━━━ Input
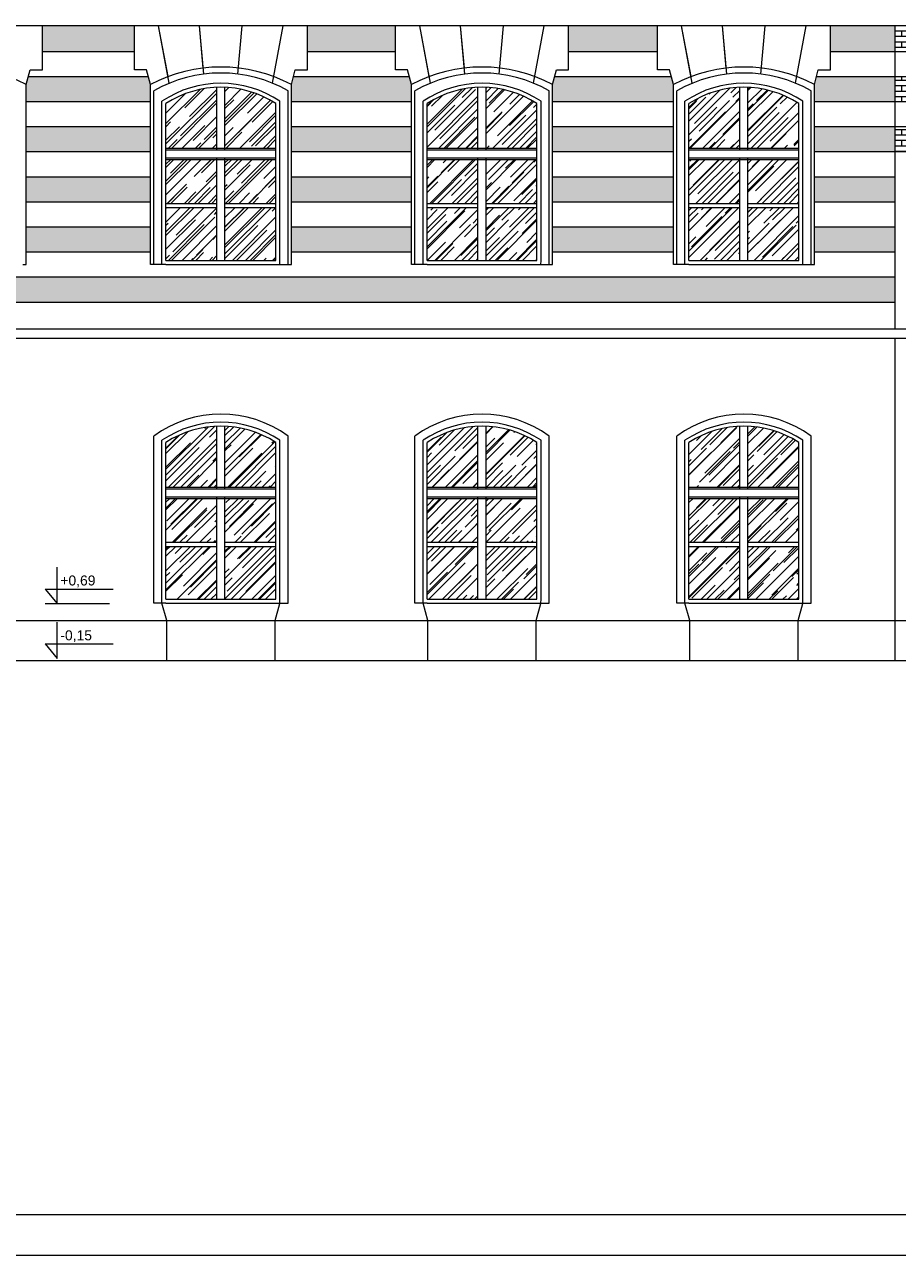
# Model space of a CAD drawing. Header units: millimetres. Extents: x -5254 to 173417, y -28809 to -6400.
# Tile 240 of 256: x 137350 to 138430, y -13337 to -11815. Entities that reach past the tile are written whole.
import ezdxf

# ---------------------------------------------------------------- set-up
doc = ezdxf.new("R2010")
doc.units = ezdxf.units.MM
for name, color, linetype, lineweight in [('mre_cegła', 7, 'Continuous', 5), ('mre_cienkie', 7, 'Continuous', 9), ('mre_drewno', 7, 'Continuous', 9), ('mre_koty', 7, 'Continuous', 13), ('mre_szyby', 7, 'Continuous', 13), ('mre_tabela', 7, 'Continuous', 20), ('mre_ściany', 7, 'Continuous', 20)]:
    doc.layers.add(name, color=color, linetype=linetype, lineweight=lineweight)
doc.styles.add('TABELKA', font='arial.ttf')
pattern_1 = [(0, (131181.3596, -16286.989), (0, 6.77418), []), (90, (131181.36, -16286.989), (-10.16, 6.77418), [6.77418, -6.77418])]

# ---------------------------------------------------------------- blocks, each defined once
blk = doc.blocks.new('KOTA')
at = {"color": 0}
for p, q in [((0, 0), (0, 50)), ((-16.6, 20), (76.8, 20)), ((-16.6, 20), (0, 0))]:
    blk.add_line(p, q, dxfattribs=at)
at = {"color": 0, "style": 'TABELKA', "flags": 4}
blk.add_attdef('POZIOM', (1.4, 25), '', height=13.7, rotation=360, dxfattribs=at)

msp = doc.modelspace()

# ---------------------------------------------------------------- hatches: boundary and pattern name
at = {"layer": 'mre_cegła'}
h = msp.add_hatch(dxfattribs=at)
h.set_pattern_fill('AR-BRSTD', color=256, scale=0.1)
h.set_pattern_definition(pattern_1)
h.paths.add_polyline_path([(137506.1, -12065.73), (137352.46, -12065.73), (137352.46, -12096.73), (137506.1, -12096.73)])
h.paths.add_polyline_path([(137506.1, -12003.73), (137352.46, -12003.73), (137352.46, -12034.73), (137506.1, -12034.73)])
h.paths.add_polyline_path([(137506.1, -11941.73), (137352.46, -11941.73), (137352.46, -11972.73), (137506.1, -11972.73)])
h.paths.add_polyline_path([(137506.1, -11889.41), (137503.51, -11879.73), (137355.06, -11879.73), (137352.46, -11889.41), (137352.46, -11910.73), (137506.1, -11910.73)])
h.paths.add_polyline_path([(137486.18, -11816.73), (137372.39, -11816.73), (137372.39, -11848.73), (137486.18, -11848.73)])
h.paths.add_polyline_path([(137809.18, -11816.73), (137700.29, -11816.73), (137700.29, -11848.73), (137809.18, -11848.73)])
h.paths.add_polyline_path([(137829.1, -11889.41), (137826.51, -11879.73), (137682.97, -11879.73), (137680.37, -11889.41), (137680.37, -11910.73), (137829.1, -11910.73)])
h.paths.add_polyline_path([(137829.1, -11941.73), (137680.37, -11941.73), (137680.37, -11972.73), (137829.1, -11972.73)])
h.paths.add_polyline_path([(137829.1, -12003.73), (137680.37, -12003.73), (137680.37, -12034.73), (137829.1, -12034.73)])
h.paths.add_polyline_path([(137829.1, -12065.73), (137680.37, -12065.73), (137680.37, -12096.73), (137829.1, -12096.73)])
h.paths.add_polyline_path([(138153.1, -12065.73), (138003.37, -12065.73), (138003.37, -12096.73), (138153.1, -12096.73)])
h.paths.add_polyline_path([(138153.1, -12003.73), (138003.37, -12003.73), (138003.37, -12034.73), (138153.1, -12034.73)])
h.paths.add_polyline_path([(138153.1, -11941.73), (138003.37, -11941.73), (138003.37, -11972.73), (138153.1, -11972.73)])
h.paths.add_polyline_path([(138153.1, -11889.41), (138150.51, -11879.73), (138005.97, -11879.73), (138003.37, -11889.41), (138003.37, -11910.73), (138153.1, -11910.73)])
h.paths.add_polyline_path([(138133.18, -11816.73), (138023.29, -11816.73), (138023.29, -11848.73), (138133.18, -11848.73)])
h.paths.add_polyline_path([(138427.24, -12065.73), (138327.37, -12065.73), (138327.37, -12096.73), (138427.24, -12096.73)])
h.paths.add_polyline_path([(138427.24, -12003.73), (138327.37, -12003.73), (138327.37, -12034.73), (138427.24, -12034.73)])
h.paths.add_polyline_path([(138427.24, -11941.73), (138327.37, -11941.73), (138327.37, -11972.73), (138427.24, -11972.73)])
h.paths.add_polyline_path([(138427.24, -11879.73), (138329.97, -11879.73), (138327.37, -11889.41), (138327.37, -11910.73), (138427.24, -11910.73)])
h.paths.add_polyline_path([(138427.24, -11816.73), (138347.29, -11816.73), (138347.29, -11848.73), (138427.24, -11848.73)])
h.paths.add_polyline_path([(139399.33, -12065.73), (139251.87, -12065.73), (139251.87, -12096.73), (139399.33, -12096.73)])
h.paths.add_polyline_path([(139399.33, -12003.73), (139251.87, -12003.73), (139251.87, -12034.73), (139399.33, -12034.73)])
h.paths.add_polyline_path([(139399.33, -11941.73), (139251.87, -11941.73), (139251.87, -11972.73), (139399.33, -11972.73)])
h.paths.add_polyline_path([(139399.33, -11889.41), (139396.74, -11879.73), (139254.47, -11879.73), (139251.87, -11889.41), (139251.87, -11910.73), (139399.33, -11910.73)])
h.paths.add_polyline_path([(139379.41, -11816.73), (139271.79, -11816.73), (139271.79, -11848.73), (139379.41, -11848.73)])
h.paths.add_polyline_path([(139707.32, -11816.73), (139593.53, -11816.73), (139593.53, -11848.73), (139707.32, -11848.73)])
h.paths.add_polyline_path([(139727.24, -11889.41), (139724.64, -11879.73), (139576.2, -11879.73), (139573.6, -11889.41), (139573.6, -11910.73), (139727.24, -11910.73)])
h.paths.add_polyline_path([(139727.24, -11941.73), (139573.6, -11941.73), (139573.6, -11972.73), (139727.24, -11972.73)])
h.paths.add_polyline_path([(139727.24, -12003.73), (139573.6, -12003.73), (139573.6, -12034.73), (139727.24, -12034.73)])
h.paths.add_polyline_path([(139727.24, -12065.73), (139573.6, -12065.73), (139573.6, -12096.73), (139727.24, -12096.73)])
h.paths.add_polyline_path([(140050.24, -12065.73), (139901.51, -12065.73), (139901.51, -12096.73), (140050.24, -12096.73)])
h.paths.add_polyline_path([(140050.24, -12003.73), (139901.51, -12003.73), (139901.51, -12034.73), (140050.24, -12034.73)])
h.paths.add_polyline_path([(140050.24, -11941.73), (139901.51, -11941.73), (139901.51, -11972.73), (140050.24, -11972.73)])
h.paths.add_polyline_path([(140050.24, -11889.41), (140047.65, -11879.73), (139904.1, -11879.73), (139901.51, -11889.41), (139901.51, -11910.73), (140050.24, -11910.73)])
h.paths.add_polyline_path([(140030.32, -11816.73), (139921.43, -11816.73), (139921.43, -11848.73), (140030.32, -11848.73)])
━━━━━━
_Action item_
Among the records, find the lines that contain "blocks" and copy each of them.

_Response_
# ---------------------------------------------------------------- blocks, each defined once
blk = doc.blocks.new('KOTA')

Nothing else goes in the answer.